To control who sends mail through our server, we use access controls. For a host to be allowed to send mail through your server, they’ll have to be specifically authorized to do so. We use /etc/tcp.smtp to control this.
Add the IPs that you wish to allow to relay through your server to /etc/tcp.smtp like this
111.222.333.444.:allow,RELAYCLIENT=""
You could also just put 111.222.333.:allow,RELAYCLIENT=”” to allow all hosts starting with 111.222.333 to relay.
Now that the IPs are added, we have to add them to the database by issuing the following command:
tcprules tcp.smtp.cdb tcp.smtp.temp < tcp.smtp
Now we restart qmail:
/etc/init.d/qmail restart - POP....................................................................................................
If you wish to allow people to remotely retrieve mail from your server, you have to setup POP. POP – Post Office Protocol is the method of delivering mail from the server to the remote client. Debian makes setting this up trivial for us.
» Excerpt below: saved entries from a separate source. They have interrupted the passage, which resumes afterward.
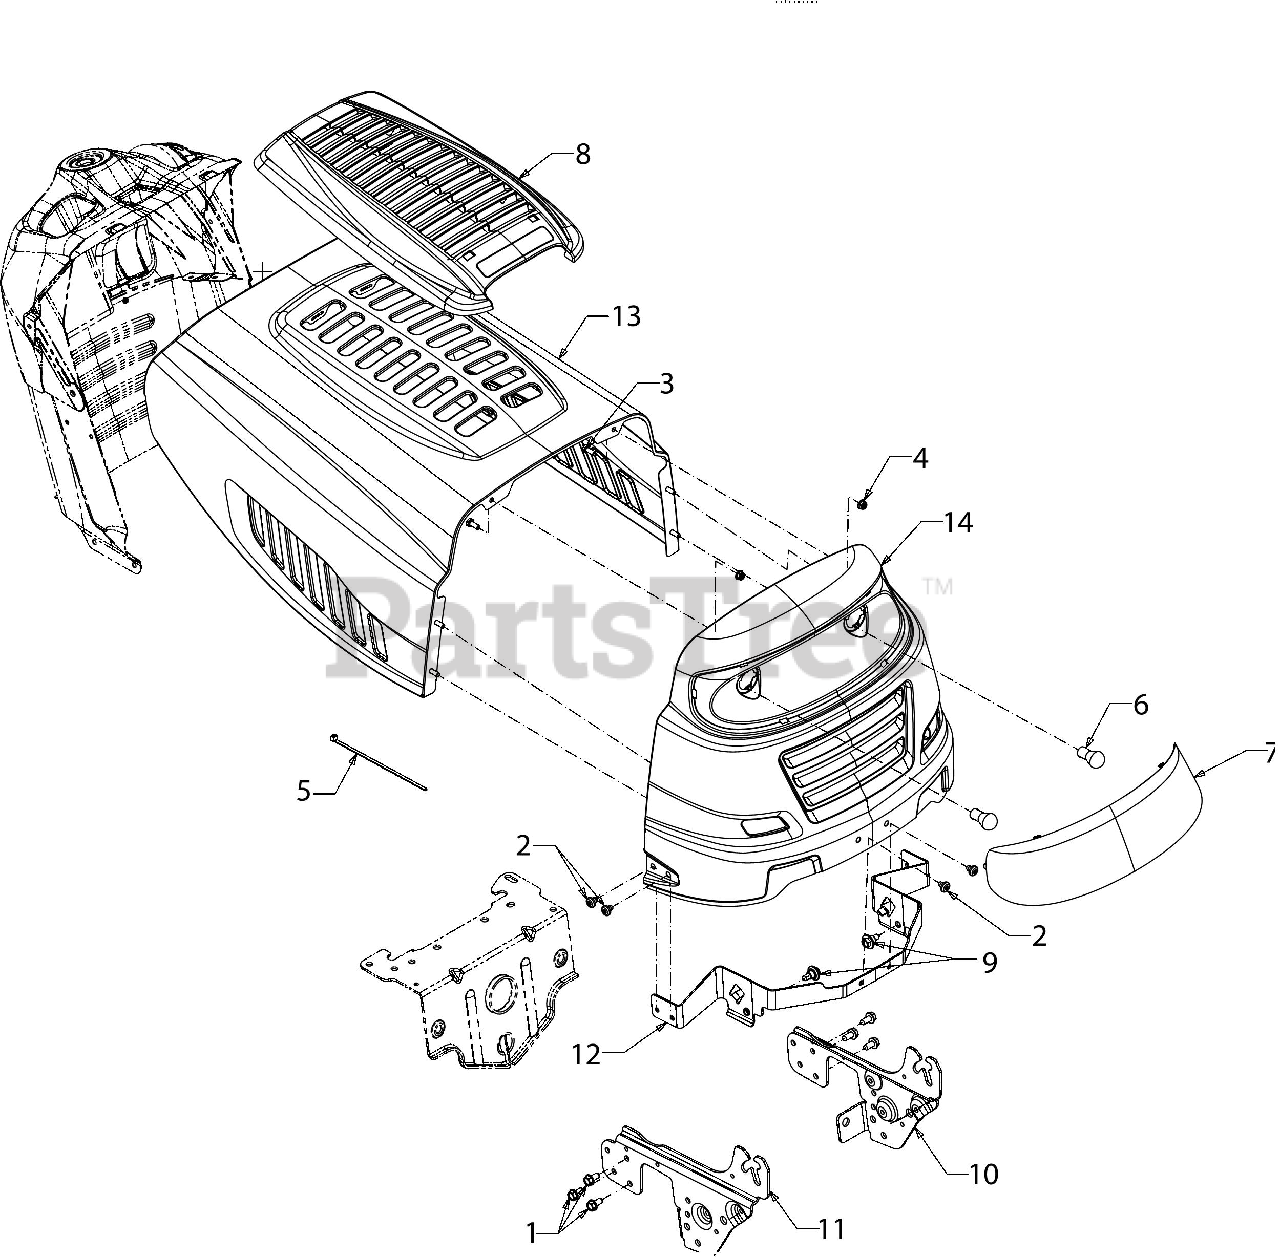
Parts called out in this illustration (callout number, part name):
1	SCREW 5/16-18 x .750
2	SCREW 5/16-18 x .375
3	SCREW 1/4-20 x .620 GR5
4	FLANGE LOCK NUT
5	7" CABLE TIE
6	MINIATUURE BULB 12V
7	GRILL LENS
8	HOOD COVER
9	SHOULDER SCREW .43X.29X5/16-18 TT
10	SUPPORT BRACKET (LH)
11	SUPPORT BRACKET (RH)
12	HOOD PIVOT BRACKET
13	HOOD-5-STYLE
14	GRILLE-1 STYLE
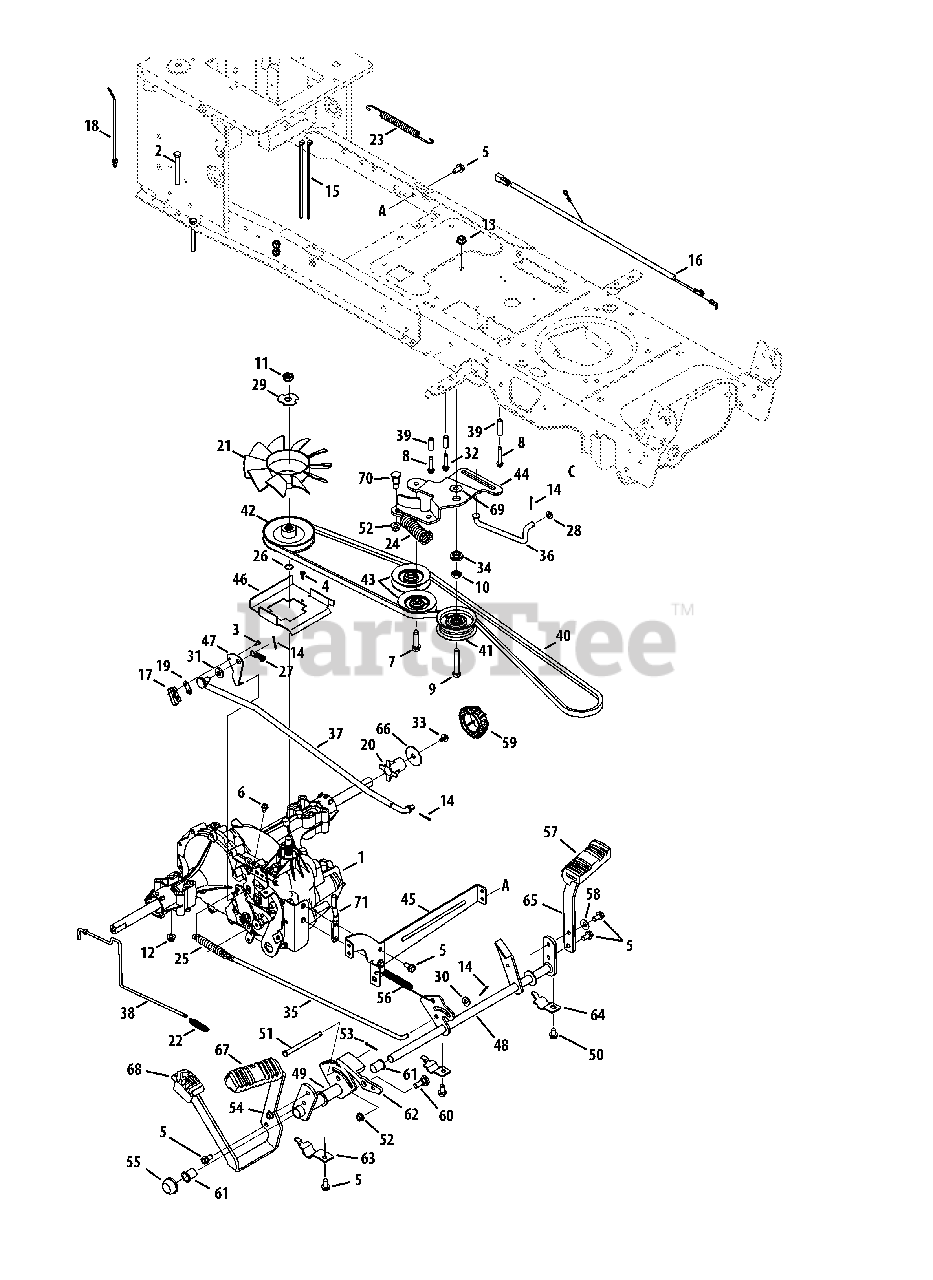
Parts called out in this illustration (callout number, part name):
1	Transmission, Hydro-Gear 0510
2	Hex Screw, 5/16-18, 2.75, Gr5, Std
3	Screw, #8-18, 0.500,
4	Screw, #10-16, 0.500
5	Screw, Self-tapping, 5/16-18, .750
6	Screw, Self-tapping, 1/4-20, 0.375
7	Screw, Self-tapping, 3/8-16, 1.500
8	Screw, Self-tapping, 1/4-20, 1.625
9	Hex Screw, 3/8-16, 2.25, Gr5
10	Nut, Jam, 7/16-20, Gr2
11	Nut, Jam Lock, 1/2-20, Gr5, Nylon
12	Nut, Flange Lock, 5/16-18, Nylon
13	Nut, Flange Lock, 3/8-16
14	Pin, Cotter, 3/32, 1.0
15	Cable, Tie, 3/16 x .05 x 7.4
16	Jumper Harness, Ground & Reverse
17	Switch, Spring, Short
18	Tie, Cable, Push Mount 7.5
19	Plate, Insulator Nut
20	Sleeve, .765 Id x 1.500
21	Fan, Hydro
22	Spring, Extension, .48 Od x 2.03
23	Spring, Extension, .500 Dia x 12.6
24	Spring, Extension, 1.00 Dia x 4.75
25	Spring, Extension, .59 Od x 4.00
26	Ring, Wire
27	Spring, Extension, .375 Od x 1.44
28	Washer, Flat, .330 x .630 x .0635
29	Washer, Lock, Transmission Hydro
30	Washer, Flat, .344 x .750 x .120
31	Washer, Flat, .407x.812x.135, Ht
32	Screw, Self-tapping, 1/4-20 x 1.75
33	Screw, 5/16-24 x .750
34	Spacer, Shoulder, 1.375 x .380 x .183
35	Rod, Brake, LT Hydro
36	Rod, Transmission, Bypass
37	Rod, Control, Hydro
38	Rod, Hydro Bypass
39	Spacer, .260 x .372 x 1.420
40	Belt, V-Type
41	Pulley, Idler, Flat 2.75 OD
42	Pulley, Input, 4.13 Dia
43	Pulley, Idler, V-Type x 3.06
44	Bracket, Idler, Center Double
45	Bracket, Mount, Hydro
46	Bracket, Support, Belt Disengage
47	Bracket, Actuator, Switch
48	Control Assembly, Brake
49	Bracket Assembly, Pedal, Hydro
50	Screw, Self-tapping, 5/16-18, 0.625,
51	Pin, Clevis, 5/16 x 3.985
52	Nut, Flange Lock, 3/8-16, Nylon
53	Pin, Cotter, Bow-Tie 72
54	Bracket, Pedal, Hydro
55	Cap, Push 5/8
56	Spring, Extension, .63 Dia x 4.95
57	Pad, Pedal, Brake
58	Washer, Bell, .340 x .872 x .060
59	Cap, Hub
60	Bolt, Shoulder, .500 x .270, 3/8-16
61	Bearing, Flange, .630 x .695 x .60
62	Latch, Cruise
63	Bracket, Support, Pedal Strap
64	Bracket, Support, Pedal Strap 5/8
65	Bracket, Pedal, Brake
66	Washer, Flat, .350 x 1.59 x .062
67	Pad, Pedal, Forward
68	Pad, Pedal, Reverse
69	Wash, Flat, .385 x 1.00 x .030
70	Scr, Shldr, .50 x .685 3/8-16
71	Belt Keeper Rod
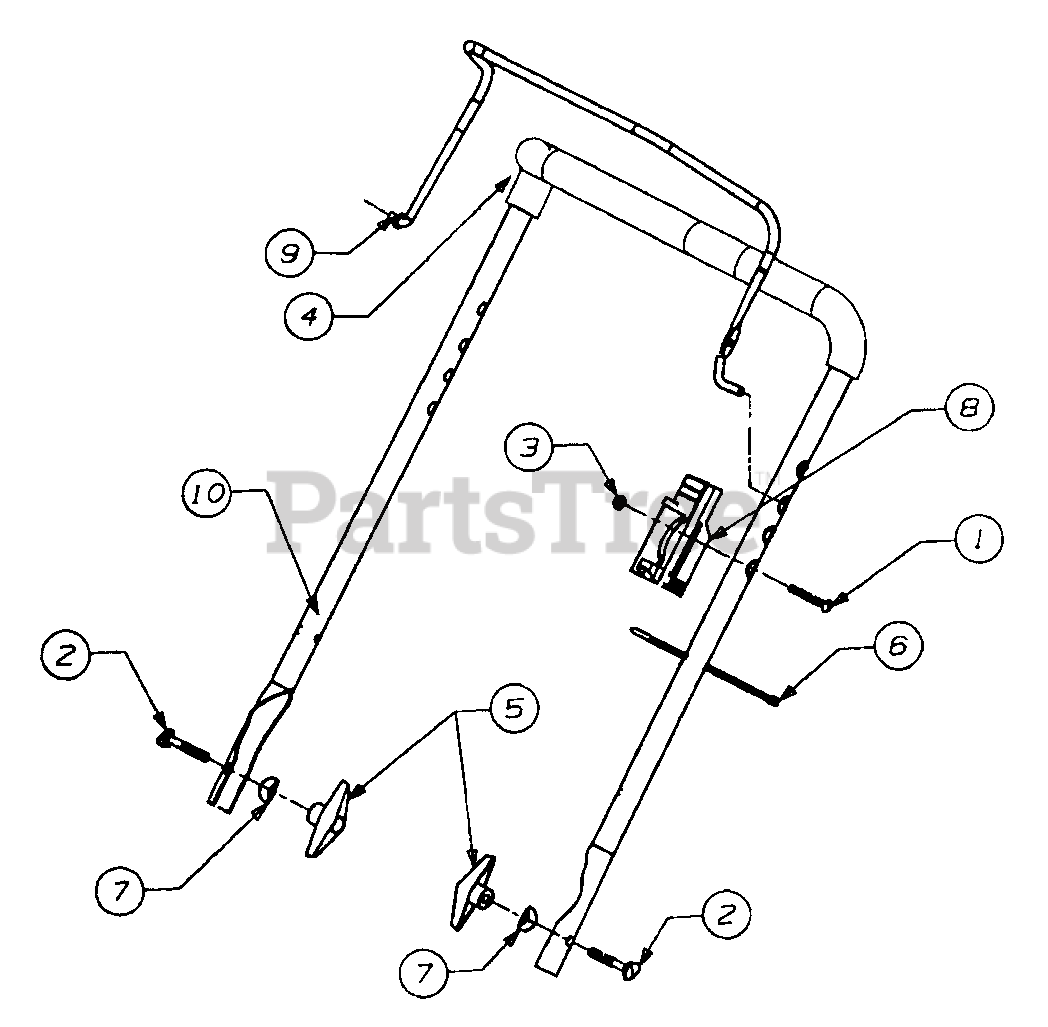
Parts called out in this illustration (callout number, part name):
1	Oval C-Sunk Screw
2	Carriage Bolt
3	Lock Nut
4	Foam Grip
5	Handle Knob
6	Cable Tie
7	Saddle Washer
8	Control Lever
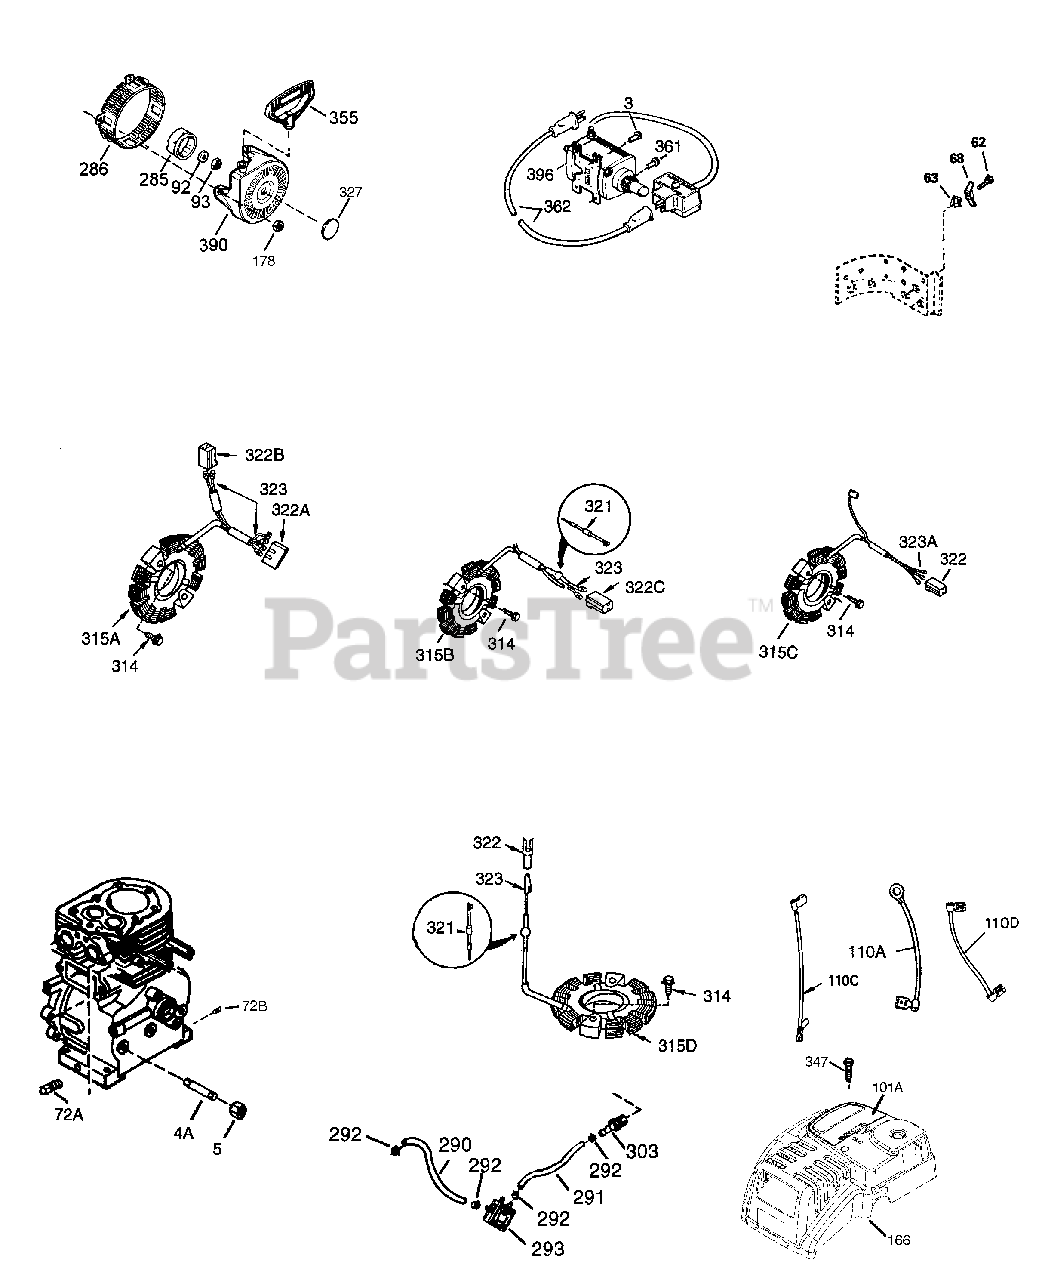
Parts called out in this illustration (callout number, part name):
3	Screw, 1/4-20 x 1/2" (Upper Mounting Screws for 120-Volt Electric Starter Motor)
5	Extension Cap
41	Piston & Pin Ass'y. (Std.) (Incl. 43)
41	Piston & Pin Ass'y. (.010" OS) Incl. 43
62	Screw, 8-32 x 3/8"
92	Belleville Washer
93	Flywheel Nut
110A	Ground Wire (10.50" with male & femal e flag terminals)
178	Nut & Lock Washer 1/4-28
285	Starter Cup
291	Fuel Line
292	Fuel Line Clamp
314	Screw, 1/4-20 x 3/4"
323	Terminal
327	Starter Plug
355	Starter Handle (Mitten Grip) also ava ilable in Packaged Part #740053B
390	Rewind Starter NOTE: This engine cou ld have been built with 590733 starte r.
396	Electric Starter Motor (Optional)
900	Replacement Short Block, order from 7 1-999
900	Replacement Engine, order from 71-999
999	Winter Maintenance Kit incl. 5W30 Oil , Spark Plug, Key, & Ultra-Fresh
999	Winter Maintenance Kit (incl. 0W30 Sy nthetic Oil, Spark Plug, Key, & Ultra -Fresh)
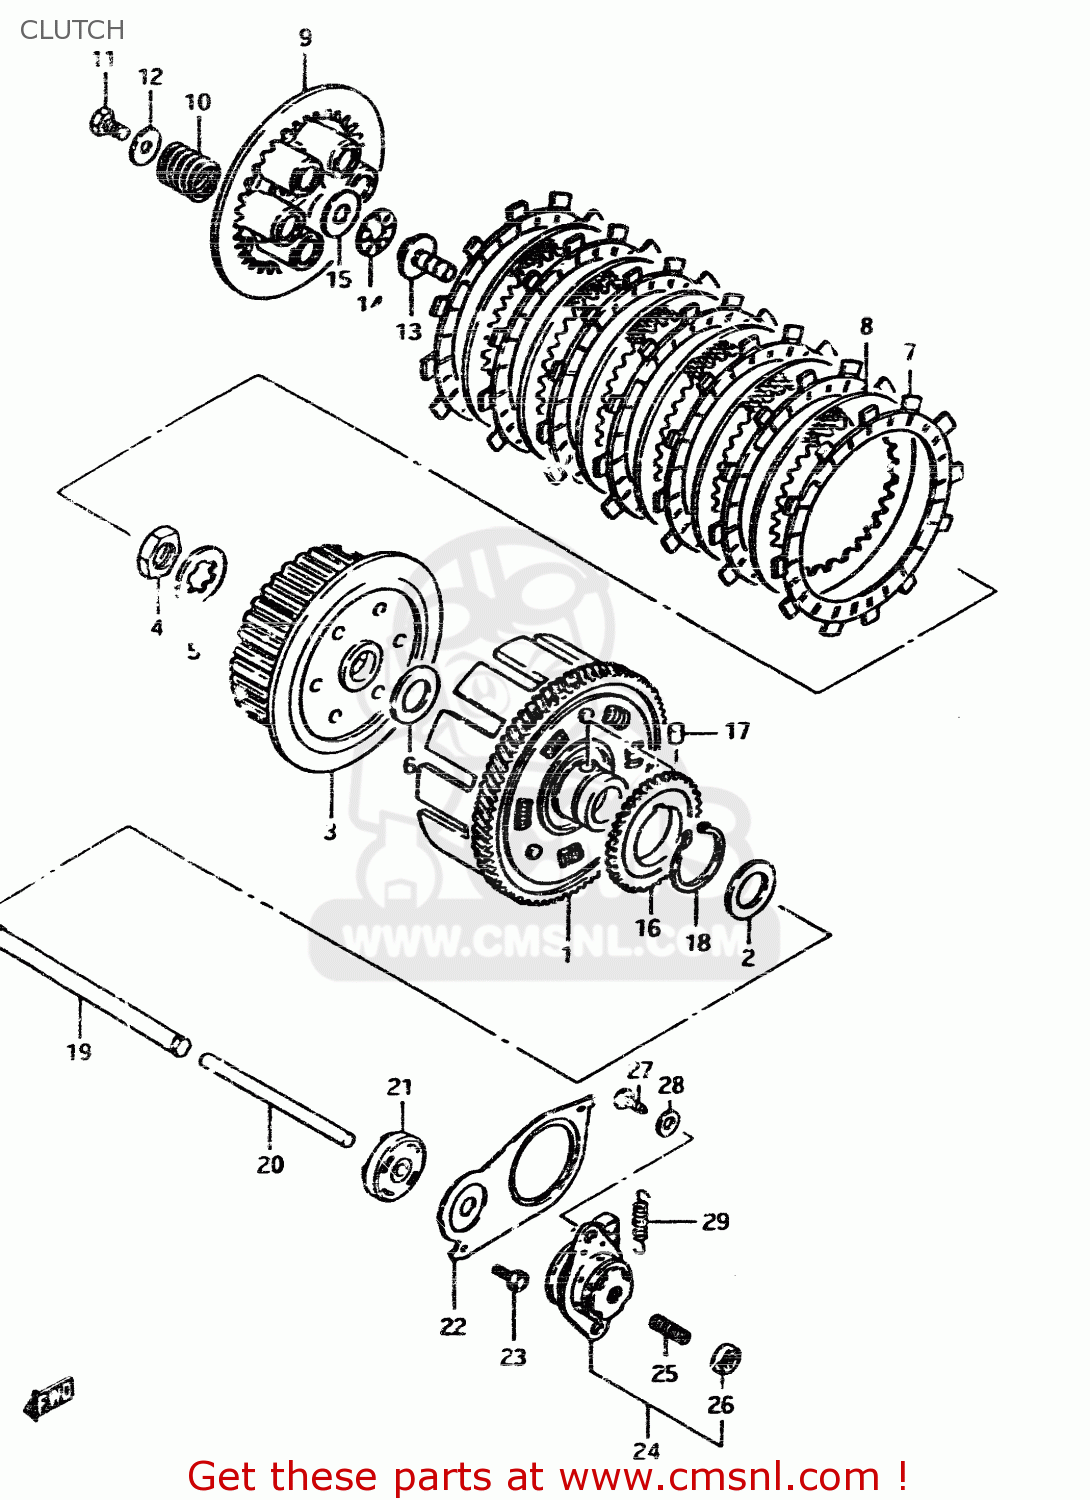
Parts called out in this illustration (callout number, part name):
1	GEAR ASSEMBLY,PRIMARY DRIVE
2	WASHER
3	HUB,CLUTCH SLEEVE
4	NUT (20MM)
5	WASHER,LOCK
6	WASHER(20X44X3)
7	PLATE,CLUTCH DRIVE (MCA)
8	PLATE,CLUTCH DRIVEN (NAS)
9	DISC,CLUTCH PRESSURE
10	SPRING
11	BOLT, UPPER
12	WASHER
13	PIECE,CLUTCH PUSH
14	BEARING(15X28X2)
15	WASHER
16	GEAR,OIL PUMP DRIVE
17	PIN(6X6)
18	CIRCLIP
19	ROD,CLUTCH PUSH
20	ROD,CLUTCH PUSH
21	SEAL,OIL(6X34X10)
22	PLATE,CLUTCH PUSH ROD
23	BOLT
24	SCREW ASSY,CLUTCH RELEASE
25	SCREW
26	NUT 6MM
27	SCREW
28	WASHER
29	SPRING

In /etc/init.d, uncomment the following lines
# Uncomment the following lines to automatically start the pop3 server
#sh -c "start-stop-daemon --start --quiet --user root \
# --exec /usr/bin/tcpserver -- \
# 0 pop-3 /usr/sbin/qmail-popup `hostname`.`dnsdomainname` \
# /usr/bin/checkpassword /usr/sbin/qmail-pop3d Maildir &"
Of course, you leave the first line commented, and only uncomment lines 2 through 5. - POP On A DNS Server....................................................................
If you run POP and a DNS server on the same machine, you have to add –H –R to the following line:
# Uncomment the following lines to automatically start the pop3 server
sh -c "start-stop-daemon --start --quiet --user root \
--exec /usr/bin/tcpserver -- \
0 pop-3 /usr/sbin/qmail-popup `hostname`.`dnsdomainname` \
/usr/bin/checkpassword /usr/sbin/qmail-pop3d Maildir &"
So the above becomes:
# Uncomment the following lines to automatically start the pop3 server
sh -c "start-stop-daemon --start --quiet --user root \
--exec /usr/bin/tcpserver -- -R –H \
0 pop-3 /usr/sbin/qmail-popup `hostname`.`dnsdomainname` \
/usr/bin/checkpassword /usr/sbin/qmail-pop3d Maildir &"
This prevents a lookup loop that will make your POP sessions pause for >1 minute.